Current state of affair (5) • Hence some more paper, • NAR 2002-Nucleotides of transcription factor binding sites exert interdependent effects on the binding affinities of transcription factors • NAR2002-Additivity in protein-DNA interactions-how good an approximation is it? • Nature Biotechnology 2006-Compact, universal DNA microarrays to comprehensively determine transcription-factor binding site specificities • Science 2009-Diversity and Complexity in DNA Recognition by Transcription Factors • PLoSCompBio 2009-Inferring Binding Energies from Selected Binding Sites
Current state of affair (6) From Science 2009, Protein binding microarray experiment.
Current state of affair (7) • Yet, none of the publication I have read so far gives a concrete evidence on HOW such dependencies could happen. • We are now trying to find the answer on what happen on the physical level when two positions in the DNA are dependent.
Known dependency factor 1 – Rotamer • Recently there is an experiment involving the Zinc Finger TF, Zf268 which has been one of the most popular Zinc finger modeling target.
Known dependency factor 1 – Rotamer • They tried to change the DNA sequence of the wildtype GCG to ACG, CCG, AAG, and CAG • We try to see if a program that can change the side chains of the TF to conform to the new DNA sequence can approximate the change in the binding energy. • We tried FoldX – it does rotamer checks-not sure if it is optimal.
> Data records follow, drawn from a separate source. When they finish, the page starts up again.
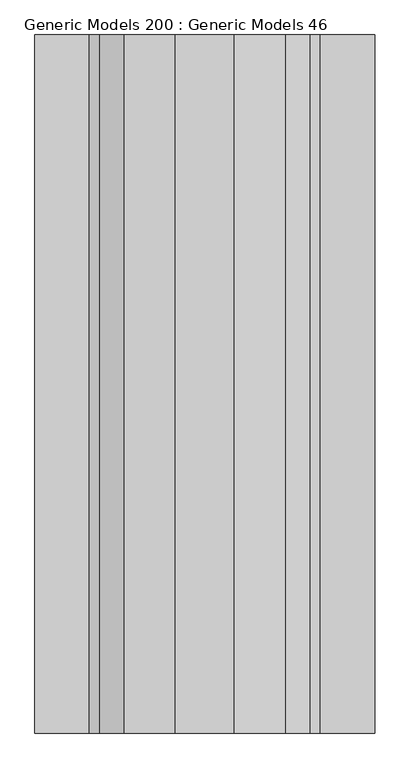
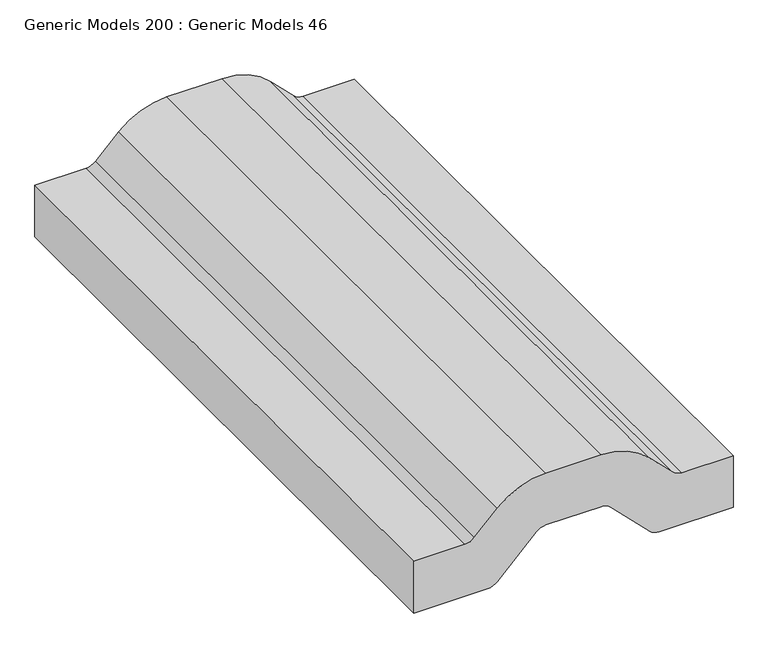
"""IFC4 building model written with IfcOpenShell, lengths in millimetres: proxy geometry, Generic Models 200 : Generic Models 46."""

from ifc_helpers import new_model, si_unit, point, frame, frame_2d, origin, place, context, project, spatial, polyline, circle_curve, trimmed, segment, composite_curve, outline, extrude, source, transform, mapped, element, save


def generic_models_200_generic_models_46_d53a038a(model_context):
    return source(origin(), model_context, "Body", "SweptSolid", [
        extrude(outline(composite_curve([segment(trimmed(circle_curve(frame_2d((2162.8204978, 47350.9539755)), 25.4), [point((2188.2204978, 47350.9539755))], [point((2180.7810101, 47368.9144878))], True, "CARTESIAN"), True, "CONTINUOUS"), segment(polyline([(2180.7810101, 47368.9144878), (2108.3699157, 47441.3255821)]), True, "CONTINUOUS"), segment(trimmed(circle_curve(frame_2d((2126.330428, 47459.2860944)), 25.4), [point((2108.3699157, 47441.3255821))], [point((2100.930428, 47459.2860944))], False, "CARTESIAN"), True, "CONTINUOUS"), segment(polyline([(2100.930428, 47459.2860944), (2100.930428, 47596.425), (2202.530428, 47596.425), (2202.530428, 47501.3701923)]), True, "CONTINUOUS"), segment(trimmed(circle_curve(frame_2d((2227.930428, 47501.3701923)), 25.4), [point((2202.530428, 47501.3701923))], [point((2209.9699157, 47483.4096801))], True, "CARTESIAN"), True, "CONTINUOUS"), segment(polyline([(2209.9699157, 47483.4096801), (2252.623059, 47440.7565367)]), True, "CONTINUOUS"), segment(trimmed(circle_curve(frame_2d((2162.8204978, 47350.9539755)), 127.0), [point((2252.623059, 47440.7565367))], [point((2289.8204978, 47350.9539755))], False, "CARTESIAN"), True, "CONTINUOUS"), segment(polyline([(2289.8204978, 47350.9539755), (2289.8204978, 47248.1710245)]), True, "CONTINUOUS"), segment(trimmed(circle_curve(frame_2d((2162.8204978, 47248.1710245)), 127.0), [point((2289.8204978, 47248.1710245))], [point((2252.623059, 47158.3684633))], False, "CARTESIAN"), True, "CONTINUOUS"), segment(polyline([(2252.623059, 47158.3684633), (2209.9699157, 47115.7153199)]), True, "CONTINUOUS"), segment(trimmed(circle_curve(frame_2d((2227.930428, 47097.7548077)), 25.4), [point((2209.9699157, 47115.7153199))], [point((2202.530428, 47097.7548077))], True, "CARTESIAN"), True, "CONTINUOUS"), segment(polyline([(2202.530428, 47097.7548077), (2202.530428, 47002.7), (2100.930428, 47002.7), (2100.930428, 47139.8389056)]), True, "CONTINUOUS"), segment(trimmed(circle_curve(frame_2d((2126.330428, 47139.8389056)), 25.4), [point((2100.930428, 47139.8389056))], [point((2108.3699157, 47157.7994179))], False, "CARTESIAN"), True, "CONTINUOUS"), segment(polyline([(2108.3699157, 47157.7994179), (2180.7810101, 47230.2105122)]), True, "CONTINUOUS"), segment(trimmed(circle_curve(frame_2d((2162.8204978, 47248.1710245)), 25.4), [point((2180.7810101, 47230.2105122))], [point((2188.2204978, 47248.1710245))], True, "CARTESIAN"), True, "CONTINUOUS"), segment(polyline([(2188.2204978, 47248.1710245), (2188.2204978, 47350.9539755)]), True, "CONTINUOUS")], self_intersect=False)), frame((0.0, 0.0, 0.0), z_axis=(0.0, 1.0, 0.0), x_axis=(0.0, 0.0, 1.0)), (0.0, 0.0, 1.0), 1219.2),
    ])


if __name__ == "__main__":
    model = new_model("IFC4")
    model_context = context("Model", 3, world=origin())
    ifc_project = project(units=[si_unit("LENGTHUNIT", "METRE", prefix="MILLI")], contexts=[model_context])
    site = spatial("IfcSite", under=ifc_project)
    building = spatial("IfcBuilding", under=site)
    placement = place(None, origin())
    generic_models_200_generic_models_46_shape = generic_models_200_generic_models_46_d53a038a(model_context)
    element("IfcBuildingElementProxy", 1, Name="Generic Models 200 : Generic Models 46", ObjectType="Generic Models 200 : Generic Models 46", at=placement, inside=building, context=model_context, shape_type="MappedRepresentation", body=[
        mapped(generic_models_200_generic_models_46_shape, transform((0.0, 0.0, 0.0), x_axis=(1.0, 0.0, 0.0), y_axis=(0.0, 1.0, 0.0), z_axis=(0.0, 0.0, 1.0))),
    ])
    save(model, "model.ifc")

# Revit data of these elements
# Element 1 (IfcBuildingElementProxy, "Generic Models 200 : Generic Models 46")
#   Materials on its faces: "BATT. INSULATION - EXTEND 4'-0\" MIN. - EACH SIDE OF STUD"
# Materials
#   "BATT. INSULATION - EXTEND 4'-0\" MIN. - EACH SIDE OF STUD": class "Unassigned", colour RGB 255 255 255, transparency 0, Cost = 0

Known dependency factor 1 – Rotamer • However, the rotamers that FoldX predict does not coincide with the diagrams. • Either FoldX is not optimal, or the homology modeling done in the paper is not accurate. • But given the close agreement on the predicted and experimental difference in the binding affinity, most probably they are (more) correct. • I am still checking on that.
Known dependency factor 2 – Water • The thing that is explicitly computed in the NAR paper are the solvation penalties (the circles, rectangles and triangles in the diagram). • They claim that the water mediated H-bonds are not that crucial. • We can see that FoldX does compute hydration to a certain extent. Yet the rotamer search may not be good enough.
Known dependency factor 3 – DNA flexibility • DNA are not a rigid rod.
Known dependency factor 3 – DNA flexibility • G-C will have higher roll angle – making it less stable (weaker stacking energy) and easier to “open”. • There are several work showing that different dinucleotide steps have different bending and twisting energy.
Known dependency factor 3 – DNA flexibility • TATA binding protein actually binds TATA not because it generates the best binding energy • The bindings are mostly non-specific.
Conclusion • Up to now, the 3 factors are the known/most probable factors of DNA dependency. • The challenge would be to combine all these into one scoring function that is simple enough to run on large dataset.